In 2014 in Missouri, 26 percent of all Medicare recipients chose a Medicare Advantage plan. Missouri ranks #24 among all states for insureds choosing an Advantage plan. Nationwide, 30 percent of Medicare beneficiaries enrolled in a Medicare Advantage program. A full 32 percent of urban dwellers choose them, compared to only 20 percent of rural dwellers, likely due to less access to plans.
Minnesota is the only state where more than half (51 percent) of Medicare eligibles enrolled in a Medicare Advantage plan. Alaska, with only 22 Advantage enrollees, is the only state to have zero percent enrolled in Medicare Advantage. Five more states have Medicare Advantage enrollment (by percentage of the state’s Medicare enrollees) in the single digits: Wyoming with 3 percent, New Hampshire with 6 percent, Vermont and Delaware (both with 7 percent) and Maryland squeaking in with 9 percent.
Stand-alone Medicare Prescription Drug plans
Missouri has 521,570 in stand-alone prescription drug plans. The state has 33 plans with premiums ranging from $13 to $138 per month. That amounts to 48 percent of all enrollees in Missouri having a stand-alone Rx plan compared to an average of 47 percent nationally. (Florida is highest with 52 percent.)

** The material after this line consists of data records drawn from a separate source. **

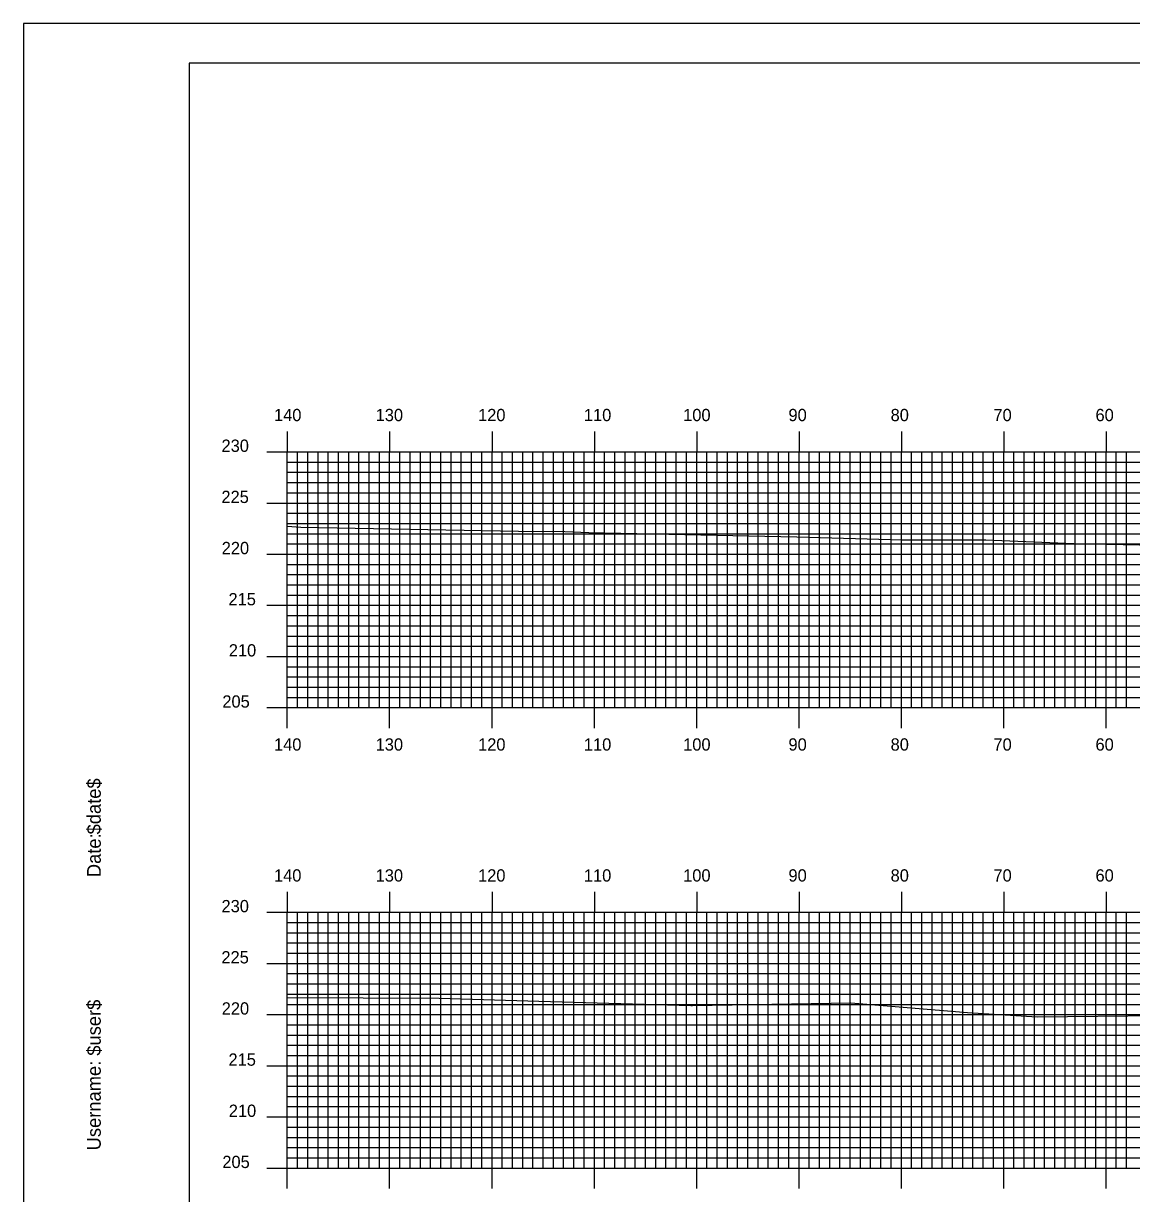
# Model space of a CAD drawing. Extents: x 1819637 to 1819981, y 442591 to 442811.
# Drawn here: x 1819637.4 to 1819745.7, y 442696.2 to 442810.5 of the extents above; entities that cross this region are included whole.
import ezdxf

# ---------------------------------------------------------------- set-up
doc = ezdxf.new("R2010")
doc.units = 0
for name, color, linetype in [('BORDER', 7, 'Continuous'), ('H_V ANNOTATION', 7, 'Continuous'), ('MAJOR', 7, 'Continuous'), ('MINOR', 7, 'Continuous'), ('PLOT BOUNDARY', 7, 'Continuous'), ('S_Roadway_Centerline', 7, 'Continuous')]:
    doc.layers.add(name, color=color, linetype=linetype)

msp = doc.modelspace()

# ---------------------------------------------------------------- linework, layer by layer
at = {"layer": 'BORDER'}
msp.add_lwpolyline([(1819653.58, 442596.67), (1819973.58, 442596.67), (1819973.58, 442806.67), (1819653.58, 442806.67)], close=True, dxfattribs=at)
at = {"layer": 'MAJOR'}
for p, q in [((1819663.18, 442770.67), (1819663.18, 442768.67)), ((1819673.18, 442770.67), (1819673.18, 442768.67)), ((1819683.18, 442770.67), (1819683.18, 442768.67)), ((1819693.18, 442770.67), (1819693.18, 442768.67)), ((1819703.18, 442770.67), (1819703.18, 442768.67)), ((1819713.18, 442770.67), (1819713.18, 442768.67)), ((1819723.18, 442770.67), (1819723.18, 442768.67)), ((1819733.18, 442770.67), (1819733.18, 442768.67)), ((1819743.18, 442770.67), (1819743.18, 442768.67)), ((1819661.17, 442768.67), (1819663.18, 442768.67)), ((1819663.18, 442768.67), (1819943.18, 442768.67)), ((1819663.18, 442743.67), (1819663.18, 442768.67)), ((1819663.18, 442743.67), (1819663.18, 442768.67)), ((1819663.18, 442768.67), (1819943.18, 442768.67)), ((1819673.18, 442743.67), (1819673.18, 442768.67)), ((1819683.18, 442743.67), (1819683.18, 442768.67)), ((1819693.18, 442743.67), (1819693.18, 442768.67)), ((1819703.18, 442743.67), (1819703.18, 442768.67)), ((1819713.18, 442743.67), (1819713.18, 442768.67)), ((1819723.18, 442743.67), (1819723.18, 442768.67)), ((1819733.18, 442743.67), (1819733.18, 442768.67)), ((1819743.18, 442743.67), (1819743.18, 442768.67)), ((1819661.17, 442763.67), (1819663.18, 442763.67)), ((1819663.18, 442763.67), (1819943.18, 442763.67)), ((1819661.17, 442758.67), (1819663.18, 442758.67)), ((1819663.18, 442758.67), (1819943.18, 442758.67)), ((1819661.17, 442753.67), (1819663.18, 442753.67)), ((1819663.18, 442753.67), (1819943.18, 442753.67)), ((1819661.17, 442748.67), (1819663.18, 442748.67)), ((1819663.18, 442748.67), (1819943.18, 442748.67)), ((1819661.17, 442743.67), (1819663.18, 442743.67)), ((1819663.18, 442743.67), (1819943.18, 442743.67)), ((1819663.18, 442743.67), (1819943.18, 442743.67)), ((1819663.18, 442741.66), (1819663.18, 442743.67)), ((1819673.18, 442741.66), (1819673.18, 442743.67)), ((1819683.18, 442741.66), (1819683.18, 442743.67)), ((1819693.18, 442741.66), (1819693.18, 442743.67)), ((1819703.18, 442741.66), (1819703.18, 442743.67)), ((1819713.18, 442741.66), (1819713.18, 442743.67)), ((1819723.18, 442741.66), (1819723.18, 442743.67)), ((1819733.18, 442741.66), (1819733.18, 442743.67)), ((1819743.18, 442741.66), (1819743.18, 442743.67)), ((1819663.18, 442725.67), (1819663.18, 442723.67)), ((1819673.18, 442725.67), (1819673.18, 442723.67)), ((1819683.18, 442725.67), (1819683.18, 442723.67)), ((1819693.18, 442725.67), (1819693.18, 442723.67)), ((1819703.18, 442725.67), (1819703.18, 442723.67)), ((1819713.18, 442725.67), (1819713.18, 442723.67)), ((1819723.18, 442725.67), (1819723.18, 442723.67)), ((1819733.18, 442725.67), (1819733.18, 442723.67)), ((1819743.18, 442725.67), (1819743.18, 442723.67)), ((1819661.17, 442723.67), (1819663.18, 442723.67)), ((1819663.18, 442723.67), (1819943.18, 442723.67)), ((1819663.18, 442698.67), (1819663.18, 442723.67)), ((1819663.18, 442698.67), (1819663.18, 442723.67)), ((1819663.18, 442723.67), (1819943.18, 442723.67)), ((1819673.18, 442698.67), (1819673.18, 442723.67)), ((1819683.18, 442698.67), (1819683.18, 442723.67)), ((1819693.18, 442698.67), (1819693.18, 442723.67)), ((1819703.18, 442698.67), (1819703.18, 442723.67)), ((1819713.18, 442698.67), (1819713.18, 442723.67)), ((1819723.18, 442698.67), (1819723.18, 442723.67)), ((1819733.18, 442698.67), (1819733.18, 442723.67)), ((1819743.18, 442698.67), (1819743.18, 442723.67)), ((1819661.17, 442718.67), (1819663.18, 442718.67)), ((1819663.18, 442718.67), (1819943.18, 442718.67)), ((1819661.17, 442713.67), (1819663.18, 442713.67)), ((1819663.18, 442713.67), (1819943.18, 442713.67)), ((1819661.17, 442708.67), (1819663.18, 442708.67)), ((1819663.18, 442708.67), (1819943.18, 442708.67)), ((1819661.17, 442703.67), (1819663.18, 442703.67)), ((1819663.18, 442703.67), (1819943.18, 442703.67)), ((1819661.17, 442698.67), (1819663.18, 442698.67)), ((1819663.18, 442698.67), (1819943.18, 442698.67)), ((1819663.18, 442698.67), (1819943.18, 442698.67)), ((1819663.18, 442696.66), (1819663.18, 442698.67)), ((1819673.18, 442696.66), (1819673.18, 442698.67)), ((1819683.18, 442696.66), (1819683.18, 442698.67)), ((1819693.18, 442696.66), (1819693.18, 442698.67)), ((1819703.18, 442696.66), (1819703.18, 442698.67)), ((1819713.18, 442696.66), (1819713.18, 442698.67)), ((1819723.18, 442696.66), (1819723.18, 442698.67)), ((1819733.18, 442696.66), (1819733.18, 442698.67)), ((1819743.18, 442696.66), (1819743.18, 442698.67))]:
    msp.add_line(p, q, dxfattribs=at)
at = {"layer": 'MINOR'}
for p, q in [((1819663.18, 442767.67), (1819943.18, 442767.67)), ((1819663.18, 442767.67), (1819665.18, 442767.67)), ((1819664.18, 442743.67), (1819664.18, 442768.67)), ((1819665.18, 442743.67), (1819665.18, 442768.67)), ((1819666.18, 442743.67), (1819666.18, 442768.67)), ((1819667.18, 442743.67), (1819667.18, 442768.67)), ((1819668.18, 442743.67), (1819668.18, 442768.67)), ((1819669.18, 442743.67), (1819669.18, 442768.67)), ((1819670.18, 442743.67), (1819670.18, 442768.67)), ((1819671.18, 442743.67), (1819671.18, 442768.67)), ((1819672.18, 442743.67), (1819672.18, 442768.67)), ((1819674.18, 442743.67), (1819674.18, 442768.67)), ((1819675.18, 442743.67), (1819675.18, 442768.67)), ((1819676.18, 442743.67), (1819676.18, 442768.67)), ((1819677.18, 442743.67), (1819677.18, 442768.67)), ((1819678.18, 442743.67), (1819678.18, 442768.67)), ((1819679.18, 442743.67), (1819679.18, 442768.67)), ((1819680.18, 442743.67), (1819680.18, 442768.67)), ((1819681.18, 442743.67), (1819681.18, 442768.67)), ((1819682.18, 442743.67), (1819682.18, 442768.67)), ((1819684.18, 442743.67), (1819684.18, 442768.67)), ((1819685.18, 442743.67), (1819685.18, 442768.67)), ((1819686.18, 442743.67), (1819686.18, 442768.67)), ((1819687.18, 442743.67), (1819687.18, 442768.67)), ((1819688.18, 442743.67), (1819688.18, 442768.67)), ((1819689.18, 442743.67), (1819689.18, 442768.67)), ((1819690.18, 442743.67), (1819690.18, 442768.67)), ((1819691.18, 442743.67), (1819691.18, 442768.67)), ((1819692.18, 442743.67), (1819692.18, 442768.67)), ((1819694.18, 442743.67), (1819694.18, 442768.67)), ((1819695.18, 442743.67), (1819695.18, 442768.67)), ((1819696.18, 442743.67), (1819696.18, 442768.67)), ((1819697.18, 442743.67), (1819697.18, 442768.67)), ((1819698.18, 442743.67), (1819698.18, 442768.67)), ((1819699.18, 442743.67), (1819699.18, 442768.67)), ((1819700.18, 442743.67), (1819700.18, 442768.67)), ((1819701.18, 442743.67), (1819701.18, 442768.67)), ((1819702.18, 442743.67), (1819702.18, 442768.67)), ((1819704.18, 442743.67), (1819704.18, 442768.67)), ((1819705.18, 442743.67), (1819705.18, 442768.67)), ((1819706.18, 442743.67), (1819706.18, 442768.67)), ((1819707.18, 442743.67), (1819707.18, 442768.67)), ((1819708.18, 442743.67), (1819708.18, 442768.67)), ((1819709.18, 442743.67), (1819709.18, 442768.67)), ((1819710.18, 442743.67), (1819710.18, 442768.67)), ((1819711.18, 442743.67), (1819711.18, 442768.67)), ((1819712.18, 442743.67), (1819712.18, 442768.67)), ((1819714.18, 442743.67), (1819714.18, 442768.67)), ((1819715.18, 442743.67), (1819715.18, 442768.67)), ((1819716.18, 442743.67), (1819716.18, 442768.67)), ((1819717.18, 442743.67), (1819717.18, 442768.67)), ((1819718.18, 442743.67), (1819718.18, 442768.67)), ((1819719.18, 442743.67), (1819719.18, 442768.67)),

Medicare prescription drug coverage — called Medicare Part D — was the result of legislation passed in 2003 and signed into law by President George W. Bush in 2006. It is a bit of a controversial program because it was an unfunded liability — meaning that the vast majority of costs fell on taxpayers — and the law also barred Medicare from negotiating lower drug prices with drug makers.